The problem:
Send each entry back exactly as given, pictures excluded.

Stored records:
• • • • •

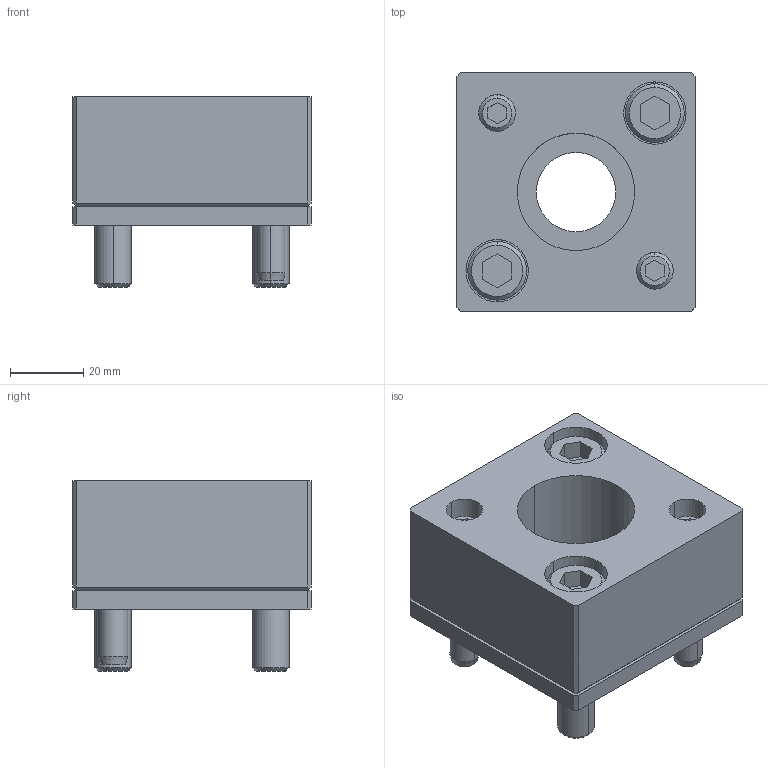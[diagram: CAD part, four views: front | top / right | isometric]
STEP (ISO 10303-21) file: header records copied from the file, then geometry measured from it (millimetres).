
FILE_DESCRIPTION(/* description */ (''),/* implementation_level */ '2;1');
FILE_NAME(/* name */ '3d_sr-ad32_02896_r00.stp',/* time_stamp */ '2011-01-10T14:10:01+09:00',/* author */ ('MISUMI'),/* organization */ (''),/* preprocessor_version */ 'ST-DEVELOPER v11',/* originating_system */ 'UGS - NX 5.0',/* authorisation */ '');
FILE_SCHEMA (('CONFIG_CONTROL_DESIGN'));
Length unit declared in the file: millimetre
Products named in the file (1): 3d_sr-ad32_02896_r00
Bounding box: 65 x 65 x 52 mm (x, y, z)
Volume: 123070.1 mm3; surface area: 37004.6 mm2
Topology: 8 solids, 8 shells, 155 faces, 346 edges, 222 vertices
Faces by surface type: plane 77, cylinder 52, cone 26
Entity records: 4440 total; most frequent: DIRECTION 784, CARTESIAN_POINT 766, ORIENTED_EDGE 692, EDGE_CURVE 346, AXIS2_PLACEMENT_3D 286, VERTEX_POINT 222, LINE 212, VECTOR 212

• • • • •

Result of the exercise:
[diagram: CAD part, four views: front | top / right | isometric]
STEP (ISO 10303-21) file: header records copied from the file, then geometry measured from it (millimetres).
FILE_DESCRIPTION(/* description */ (''),/* implementation_level */ '2;1');
FILE_NAME(/* name */ '3d_sr-ad32_02896_r00.stp',/* time_stamp */ '2011-01-10T14:10:01+09:00',/* author */ ('MISUMI'),/* organization */ (''),/* preprocessor_version */ 'ST-DEVELOPER v11',/* originating_system */ 'UGS - NX 5.0',/* authorisation */ '');
FILE_SCHEMA (('CONFIG_CONTROL_DESIGN'));
Length unit declared in the file: millimetre
Products named in the file (1): 3d_sr-ad32_02896_r00
Bounding box: 65 x 65 x 52 mm (x, y, z)
Volume: 123070.1 mm3; surface area: 37004.6 mm2
Topology: 8 solids, 8 shells, 155 faces, 346 edges, 222 vertices
Faces by surface type: plane 77, cylinder 52, cone 26
Entity records: 4440 total; most frequent: DIRECTION 784, CARTESIAN_POINT 766, ORIENTED_EDGE 692, EDGE_CURVE 346, AXIS2_PLACEMENT_3D 286, VERTEX_POINT 222, LINE 212, VECTOR 212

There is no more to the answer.